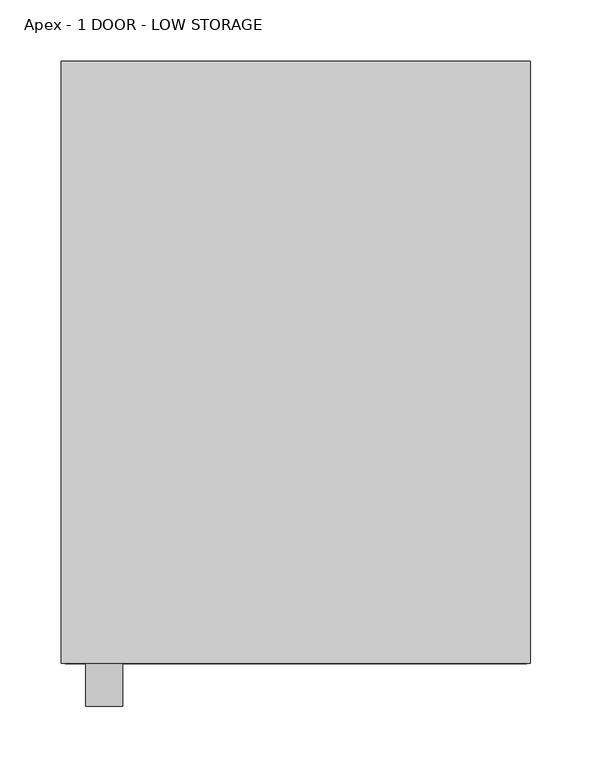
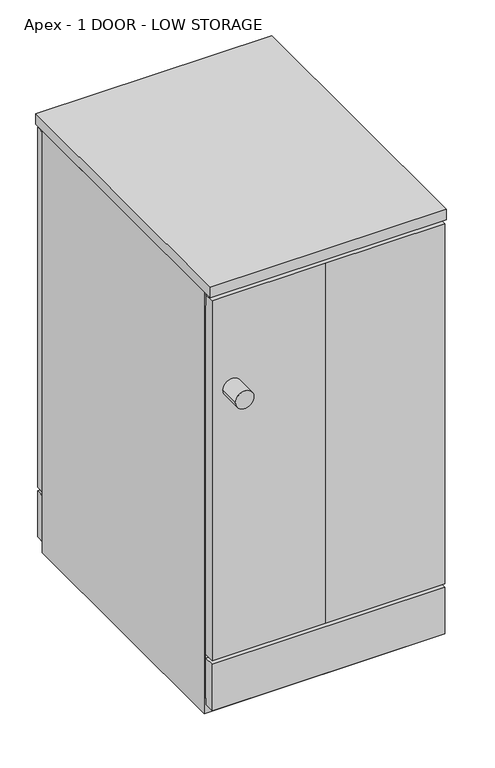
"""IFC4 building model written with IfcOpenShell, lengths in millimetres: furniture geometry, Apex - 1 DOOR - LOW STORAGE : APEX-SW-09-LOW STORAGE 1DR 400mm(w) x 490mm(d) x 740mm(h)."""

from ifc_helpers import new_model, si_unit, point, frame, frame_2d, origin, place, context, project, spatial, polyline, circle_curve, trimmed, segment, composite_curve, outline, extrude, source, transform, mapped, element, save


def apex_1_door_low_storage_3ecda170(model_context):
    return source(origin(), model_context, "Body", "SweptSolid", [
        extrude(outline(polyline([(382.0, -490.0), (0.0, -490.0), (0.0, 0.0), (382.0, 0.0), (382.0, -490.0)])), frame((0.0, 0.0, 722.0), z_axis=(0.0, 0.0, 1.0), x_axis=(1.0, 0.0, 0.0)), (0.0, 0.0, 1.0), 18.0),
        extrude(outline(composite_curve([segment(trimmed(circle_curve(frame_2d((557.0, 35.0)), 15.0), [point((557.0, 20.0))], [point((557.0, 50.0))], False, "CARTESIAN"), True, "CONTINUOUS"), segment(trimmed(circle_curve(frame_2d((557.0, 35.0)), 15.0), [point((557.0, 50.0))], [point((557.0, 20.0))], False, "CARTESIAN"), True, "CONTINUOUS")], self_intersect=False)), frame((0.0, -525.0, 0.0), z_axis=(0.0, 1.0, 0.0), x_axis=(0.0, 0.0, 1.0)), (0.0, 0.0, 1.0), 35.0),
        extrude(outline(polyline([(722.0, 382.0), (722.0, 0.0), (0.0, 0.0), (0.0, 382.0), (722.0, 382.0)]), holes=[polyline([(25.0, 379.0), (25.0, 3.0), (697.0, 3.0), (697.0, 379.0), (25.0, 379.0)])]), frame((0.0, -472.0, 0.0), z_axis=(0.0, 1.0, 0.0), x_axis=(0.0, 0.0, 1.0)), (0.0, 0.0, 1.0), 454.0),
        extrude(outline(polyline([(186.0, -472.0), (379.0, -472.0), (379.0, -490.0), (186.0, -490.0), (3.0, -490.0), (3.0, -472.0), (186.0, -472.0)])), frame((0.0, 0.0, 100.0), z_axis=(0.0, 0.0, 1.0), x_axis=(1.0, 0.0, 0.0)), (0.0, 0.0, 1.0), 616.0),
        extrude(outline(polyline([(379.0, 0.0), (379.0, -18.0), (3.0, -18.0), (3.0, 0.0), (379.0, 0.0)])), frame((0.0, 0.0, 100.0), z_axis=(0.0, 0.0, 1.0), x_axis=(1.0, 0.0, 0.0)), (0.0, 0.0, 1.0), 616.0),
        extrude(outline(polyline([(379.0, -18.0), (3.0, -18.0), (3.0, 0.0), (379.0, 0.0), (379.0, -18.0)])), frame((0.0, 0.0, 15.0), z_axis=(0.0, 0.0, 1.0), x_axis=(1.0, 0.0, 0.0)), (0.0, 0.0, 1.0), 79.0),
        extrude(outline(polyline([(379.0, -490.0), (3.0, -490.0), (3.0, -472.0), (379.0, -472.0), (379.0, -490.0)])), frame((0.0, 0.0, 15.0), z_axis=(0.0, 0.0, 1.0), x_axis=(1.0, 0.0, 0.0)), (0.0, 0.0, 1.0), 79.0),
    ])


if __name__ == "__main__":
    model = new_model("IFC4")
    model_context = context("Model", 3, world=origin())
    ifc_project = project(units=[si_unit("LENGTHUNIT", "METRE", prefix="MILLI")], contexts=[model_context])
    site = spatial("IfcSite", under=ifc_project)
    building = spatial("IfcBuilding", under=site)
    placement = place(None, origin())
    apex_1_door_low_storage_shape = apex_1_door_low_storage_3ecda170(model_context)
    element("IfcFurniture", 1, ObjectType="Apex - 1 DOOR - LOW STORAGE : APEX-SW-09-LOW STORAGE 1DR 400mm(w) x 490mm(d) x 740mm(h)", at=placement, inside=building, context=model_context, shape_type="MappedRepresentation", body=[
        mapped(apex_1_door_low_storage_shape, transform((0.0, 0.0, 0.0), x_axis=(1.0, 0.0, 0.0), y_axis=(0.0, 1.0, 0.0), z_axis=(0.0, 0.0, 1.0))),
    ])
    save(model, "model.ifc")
***
> [WORK ORDER]
Give the count of lines in the material containing "spatial". The reply is that number alone.

> [ANSWER TO THIS TASK]
3